I feel like it could use more discussion of technique although writing about
technique (rather than teaching through demonstration) is always tricky.

Perhaps I'm just reacting to current fads but I wish it included some
discussion of sourcing of ingredients and had less emphasis on canned beans,
canned tuna, etc. Canned lentils - seriously? Sheesh.

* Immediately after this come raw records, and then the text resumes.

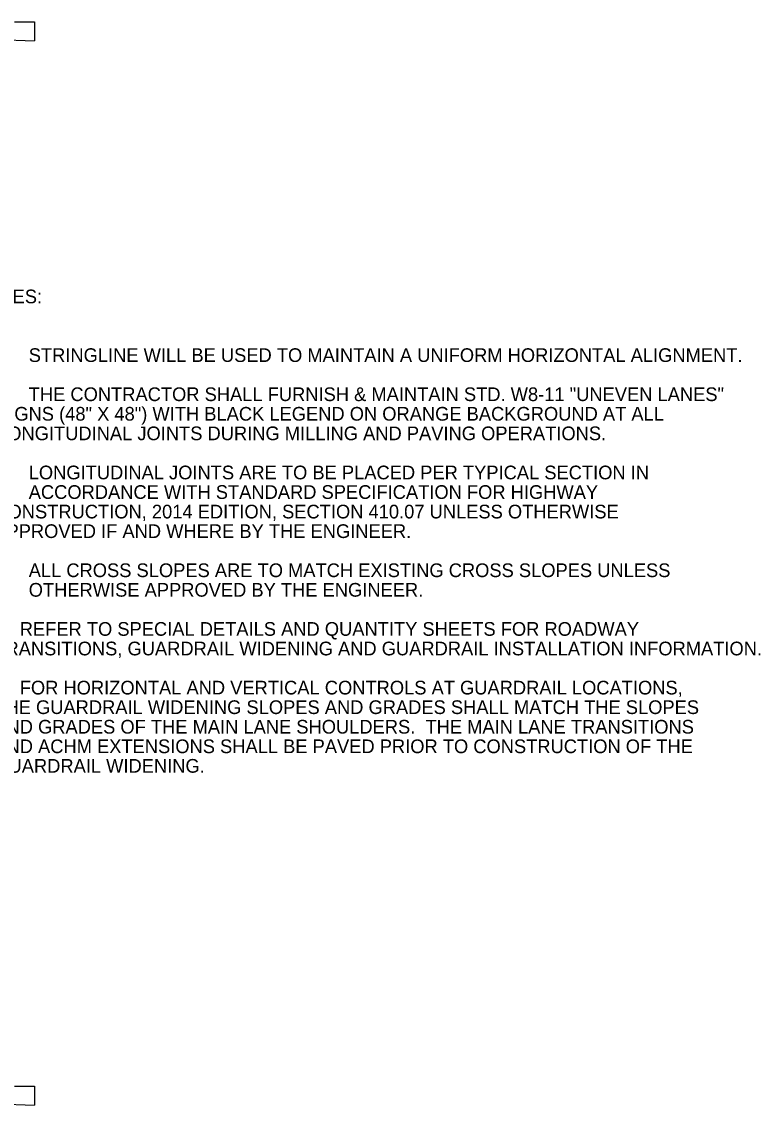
# Model space of a CAD drawing. Extents: x 545241 to 1930787, y -1971772 to 596640.
# Drawn here: x 547832 to 548210, y -1958561 to -1958007 of the extents above; entities that cross this region are included whole.
import ezdxf

# ---------------------------------------------------------------- set-up
doc = ezdxf.new("R2010")
doc.units = 0
for name, color, linetype in [('R_Border', 7, 'Continuous'), ('R_Border Notes', 7, 'Continuous'), ('R_Draft', 7, 'Continuous')]:
    doc.layers.add(name, color=color, linetype=linetype)

msp = doc.modelspace()

# ---------------------------------------------------------------- linework, layer by layer
at = {"layer": 'R_Border'}
for p, q in [((547828.13, -1958007.42), (547838.3, -1958007.42)), ((547838.3, -1958007.42), (547838.3, -1958017.23)), ((547828.13, -1958551.64), (547838.3, -1958551.64)), ((547838.3, -1958551.64), (547838.3, -1958561.45))]:
    msp.add_line(p, q, dxfattribs=at)
at = {"layer": 'R_Draft'}
for p, q in [((547748.13, -1958013.63), (547838.3, -1958017.23)), ((547748.13, -1958557.85), (547838.3, -1958561.45))]:
    msp.add_line(p, q, dxfattribs=at)

# ---------------------------------------------------------------- texts
at = {"layer": 'R_Border Notes'}
for s, p in [('NOTES: ', (547807.36, -1958151.4)), ('STRINGLINE WILL BE USED TO MAINTAIN A UNIFORM HORIZONTAL ALIGNMENT.', (547835.36, -1958181.4)), ('THE CONTRACTOR SHALL FURNISH & MAINTAIN STD. W8-11 "UNEVEN LANES" ', (547835.36, -1958201.4)), ('    SIGNS (48" X 48") WITH BLACK LEGEND ON ORANGE BACKGROUND AT ALL ', (547808.76, -1958211.4)), ('    LONGITUDINAL JOINTS DURING MILLING AND PAVING OPERATIONS.', (547808.76, -1958221.4)), ('LONGITUDINAL JOINTS ARE TO BE PLACED PER TYPICAL SECTION IN ', (547835.36, -1958241.4)), ('ACCORDANCE WITH STANDARD SPECIFICATION FOR HIGHWAY', (547835.36, -1958251.4)), ('    CONSTRUCTION, 2014 EDITION, SECTION 410.07 UNLESS OTHERWISE', (547807.36, -1958261.4)), ('    APPROVED IF AND WHERE BY THE ENGINEER.', (547807.36, -1958271.4)), ('ALL CROSS SLOPES ARE TO MATCH EXISTING CROSS SLOPES UNLESS ', (547835.36, -1958291.4)), ('OTHERWISE APPROVED BY THE ENGINEER.', (547835.36, -1958301.4)), ('5.      REFER TO SPECIAL DETAILS AND QUANTITY SHEETS FOR ROADWAY', (547807.36, -1958321.4)), ('    TRANSITIONS, GUARDRAIL WIDENING AND GUARDRAIL INSTALLATION INFORMATION.', (547807.36, -1958331.4)), ('6.      FOR HORIZONTAL AND VERTICAL CONTROLS AT GUARDRAIL LOCATIONS,', (547807.36, -1958351.4)), ('    THE GUARDRAIL WIDENING SLOPES AND GRADES SHALL MATCH THE SLOPES', (547807.36, -1958361.4)), ('    AND GRADES OF THE MAIN LANE SHOULDERS.  THE MAIN LANE TRANSITIONS', (547807.36, -1958371.4)), ('    AND ACHM EXTENSIONS SHALL BE PAVED PRIOR TO CONSTRUCTION OF THE', (547807.36, -1958381.4)), ('    GUARDRAIL WIDENING.', (547807.36, -1958391.4))]:
    msp.add_text(s, height=7, dxfattribs=at).set_placement(p)

doc.saveas('drawing.dxf')

A quote that bugs me: "The tricky thing with this salad is that a whole tin of
chickpeas can be quite a big eat. If you’re not super hungry feel free to
ditch some of the chickpeas."

Every kitchen has waste and nearly every kitchen compromises on ingredients
but that quote makes me shudder. I suppose if you're moving from heating up
frozen french bread pizzas to a cuisine as in this book that's a large
positive step so I shouldn't find too much fault here. Still, a little
discussion of buying dried legumes and cooking up batches ahead for use in
several dishes would be nice.

Perhaps it needs a sequel :-)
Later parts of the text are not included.